▶ [Extracted records]
* * * *
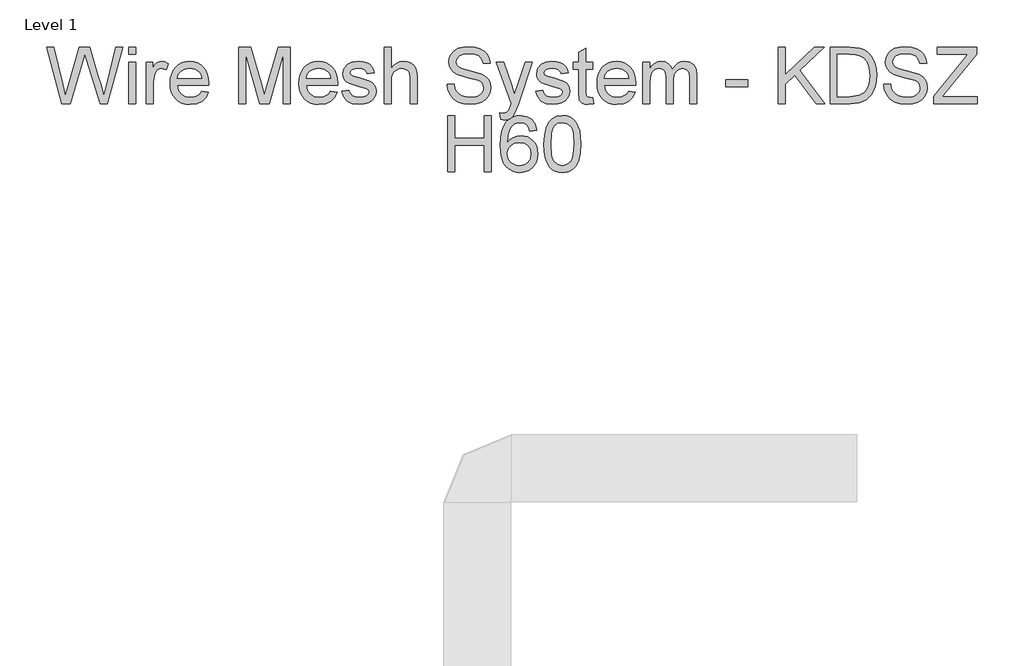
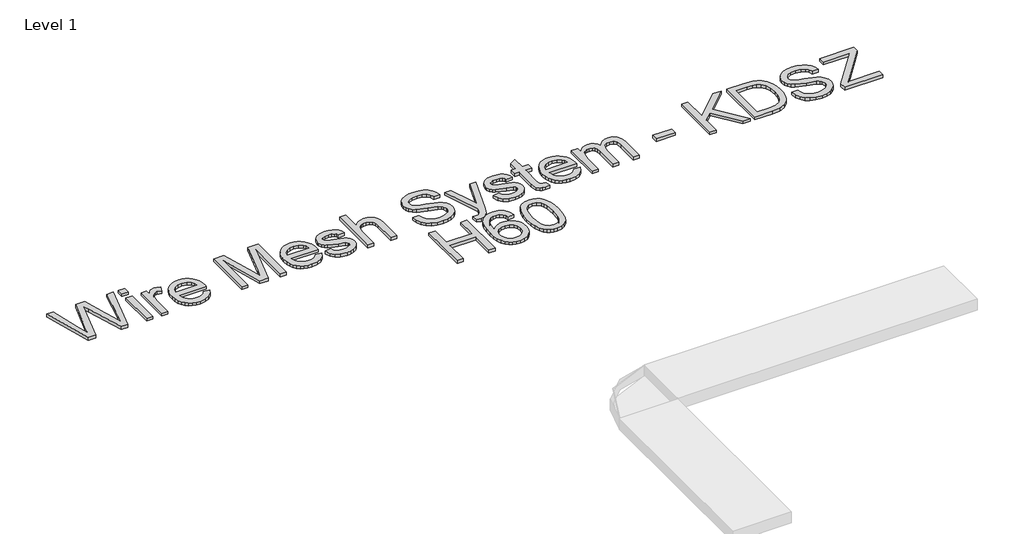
# One storey, part 25 of 32: 1 proxy.
"""IFC4 building model written with IfcOpenShell, lengths in millimetres."""

from ifc_helpers import new_model, si_unit, origin, origin_with_axes, place, context, project, spatial, polyline, outline, extrude, element, save

model = new_model("IFC4")

# Units and contexts
model_context = context("Model", 3, world=origin())
ifc_project = project(units=[si_unit("LENGTHUNIT", "METRE", prefix="MILLI")], contexts=[model_context])

# Site, building, storey
site = spatial("IfcSite", under=ifc_project)
building = spatial("IfcBuilding", under=site)
storey = spatial("IfcBuildingStorey", under=building, Name="Level 1", Elevation=0.0)

# Proxy
placement = place(None, origin())
element("IfcBuildingElementProxy", 1, Name="250mm Arial 3", ObjectType="250mm Arial 3", at=placement, inside=storey, context=model_context, shape_type="SweptSolid", body=[
    extrude(outline(polyline([(3710.2659596, 50803.1379564), (3641.7785948, 51054.2787318), (3674.1522104, 51054.2787318), (3713.8834659, 50889.2223433), (3726.146199, 50838.2706869), (3739.2673235, 50883.3362313), (3789.0540202, 51054.2787318), (3835.7137199, 51054.2787318), (3871.8887828, 50930.3638131), (3887.3858118, 50884.3785637), (3898.8054821, 50838.2706869), (3910.7003333, 50887.7508153), (3950.7994708, 51054.2787318), (3983.1730863, 51054.2787318), (3914.6244079, 50803.1379564), (3881.0858327, 50803.1379564), (3820.8758128, 50996.8891405), (3812.4758406, 51023.9284672), (3803.033536, 50991.3709106), (3748.1578051, 50803.1379564), (3710.2659596, 50803.1379564)])), origin_with_axes(), (0.0, 0.0, 1.0), 15.0),
    extrude(outline(polyline([(4010.6416086, 51022.8861348), (4010.6416086, 51054.2787318), (4042.0342056, 51054.2787318), (4042.0342056, 51022.8861348), (4010.6416086, 51022.8861348)])), origin_with_axes(), (0.0, 0.0, 1.0), 15.0),
    extrude(outline(polyline([(4010.6416086, 50803.1379564), (4010.6416086, 50987.5694633), (4042.0342056, 50987.5694633), (4042.0342056, 50803.1379564), (4010.6416086, 50803.1379564)])), origin_with_axes(), (0.0, 0.0, 1.0), 15.0),
    extrude(outline(polyline([(4089.1231009, 50803.1379564), (4089.1231009, 50987.5694633), (4116.5916233, 50987.5694633), (4116.5916233, 50960.284882), (4126.739035, 50976.1038078), (4136.089369, 50985.423485), (4155.7097421, 50991.4935379), (4171.3447269, 50989.0716481), (4187.2249663, 50981.8059787), (4176.7403295, 50953.6630061), (4154.6674098, 50960.100941), (4145.2940831, 50958.5527709), (4136.9171035, 50953.9082608), (4125.6047321, 50936.7404343), (4120.5156979, 50900.0748621), (4120.5156979, 50803.1379564), (4089.1231009, 50803.1379564)])), origin_with_axes(), (0.0, 0.0, 1.0), 15.0),
    extrude(outline(polyline([(4335.9719197, 50858.075001), (4366.75138, 50854.1509264), (4355.6612707, 50830.9590323), (4337.9646139, 50813.6225933), (4314.0599484, 50802.8160597), (4284.3458131, 50799.2138818), (4264.8672278, 50800.7678), (4247.5116283, 50805.4295547), (4232.2790144, 50813.1991458), (4219.1693862, 50824.0765733), (4208.6272678, 50837.759101), (4201.0971832, 50853.9439928), (4196.5791325, 50872.6312485), (4195.0731156, 50893.8208682), (4196.5944609, 50915.7290074), (4201.1584969, 50935.0389801), (4208.7652236, 50951.7507861), (4219.4146409, 50965.8644256), (4232.4897802, 50977.0771622), (4247.3736725, 50985.0862598), (4264.0663181, 50989.8917184), (4282.5677167, 50991.4935379), (4300.4732232, 50989.8955505), (4316.6657792, 50985.1015883), (4331.1453846, 50977.1116512), (4343.9120394, 50965.9257393), (4354.3334466, 50951.8427566), (4361.7773088, 50935.1616074), (4366.2436262, 50915.8822916), (4367.7323986, 50894.0048092), (4367.5484576, 50885.5435233), (4226.4657125, 50885.5435233), (4231.8996361, 50862.0450609), (4244.5225871, 50844.7699355), (4262.74041, 50834.1473429), (4284.9589497, 50830.6064787), (4301.6669237, 50832.2466193), (4315.73841, 50837.1670409), (4327.1734087, 50845.6743121), (4335.9719197, 50858.075001)]), holes=[polyline([(4226.4657125, 50916.9361202), (4336.3398017, 50916.9361202), (4332.0938303, 50933.5214669), (4323.7705002, 50945.3856612), (4305.4683709, 50956.4221211), (4282.4450894, 50960.100941), (4261.2842105, 50957.1655493), (4243.7868231, 50948.359374), (4231.6237246, 50934.632777), (4226.4657125, 50916.9361202)])]), origin_with_axes(), (0.0, 0.0, 1.0), 15.0),
    extrude(outline(polyline([(4501.1509355, 50803.1379564), (4501.1509355, 51054.2787318), (4555.1682752, 51054.2787318), (4606.5491272, 50877.2661784), (4616.9111367, 50840.2940379), (4628.1315375, 50880.3318617), (4678.6539982, 51054.2787318), (4732.6713378, 51054.2787318), (4732.6713378, 50803.1379564), (4701.2787409, 50803.1379564), (4701.2787409, 51022.8861348), (4638.1869788, 50803.1379564), (4595.6352946, 50803.1379564), (4532.5435325, 51022.8861348), (4532.5435325, 50803.1379564), (4501.1509355, 50803.1379564)])), origin_with_axes(), (0.0, 0.0, 1.0), 15.0),
    extrude(outline(polyline([(4912.8108882, 50858.075001), (4943.5903484, 50854.1509264), (4932.5002391, 50830.9590323), (4914.8035823, 50813.6225933), (4890.8989168, 50802.8160597), (4861.1847815, 50799.2138818), (4841.7061963, 50800.7678), (4824.3505967, 50805.4295547), (4809.1179829, 50813.1991458), (4796.0083547, 50824.0765733), (4785.4662363, 50837.759101), (4777.9361517, 50853.9439928), (4773.4181009, 50872.6312485), (4771.912084, 50893.8208682), (4773.4334293, 50915.7290074), (4777.9974653, 50935.0389801), (4785.604192, 50951.7507861), (4796.2536093, 50965.8644256), (4809.3287486, 50977.0771622), (4824.212641, 50985.0862598), (4840.9052865, 50989.8917184), (4859.4066852, 50991.4935379), (4877.3121917, 50989.8955505), (4893.5047476, 50985.1015883), (4907.984353, 50977.1116512), (4920.7510079, 50965.9257393), (4931.172415, 50951.8427566), (4938.6162773, 50935.1616074), (4943.0825946, 50915.8822916), (4944.5713671, 50894.0048092), (4944.3874261, 50885.5435233), (4803.3046809, 50885.5435233), (4808.7386046, 50862.0450609), (4821.3615555, 50844.7699355), (4839.5793785, 50834.1473429), (4861.7979182, 50830.6064787), (4878.5058921, 50832.2466193), (4892.5773784, 50837.1670409), (4904.0123771, 50845.6743121), (4912.8108882, 50858.075001)]), holes=[polyline([(4803.3046809, 50916.9361202), (4913.1787701, 50916.9361202), (4908.9327988, 50933.5214669), (4900.6094686, 50945.3856612), (4882.3073394, 50956.4221211), (4859.2840579, 50960.100941), (4838.1231789, 50957.1655493), (4820.6257915, 50948.359374), (4808.4626931, 50934.632777), (4803.3046809, 50916.9361202)])]), origin_with_axes(), (0.0, 0.0, 1.0), 15.0),
    extrude(outline(polyline([(4964.1917401, 50858.075001), (4995.5843371, 50861.9990756), (5000.5354156, 50848.5713828), (5010.1156759, 50838.6998826), (5024.3864316, 50832.6298297), (5043.4089964, 50830.6064787), (5062.201635, 50832.4612171), (5075.41473, 50838.0254323), (5083.2322224, 50846.0881793), (5085.8380532, 50855.4385134), (5083.216894, 50863.4399468), (5075.3534164, 50869.5406565), (5043.0411144, 50878.4924517), (4995.7682781, 50893.851525), (4983.804449, 50901.5693827), (4975.1362295, 50911.7857723), (4969.8709184, 50923.8492361), (4968.1158148, 50937.1083163), (4973.756672, 50960.4994798), (4989.1464021, 50978.3724134), (5009.1040004, 50987.6614338), (5036.1126702, 50991.4935379), (5056.5454493, 50989.9530321), (5074.311084, 50985.3315145), (5088.5971682, 50978.0811735), (5098.5912957, 50968.6541974), (5105.2131716, 50956.3531432), (5109.3825009, 50940.4805679), (5077.989904, 50936.5564933), (5074.0275083, 50946.4356577), (5066.1870233, 50953.8776039), (5054.3918068, 50958.5451067), (5038.5652168, 50960.100941), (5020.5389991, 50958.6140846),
* * * *
▶ [Exercise brief]
Pull every line containing "Name" out of the material and copy it.

▶ [Answer space]
storey = spatial("IfcBuildingStorey", under=building, Name="Level 1", Elevation=0.0)
element("IfcBuildingElementProxy", 1, Name="250mm Arial 3", ObjectType="250mm Arial 3", at=placement, inside=storey, context=model_context, shape_type="SweptSolid", body=[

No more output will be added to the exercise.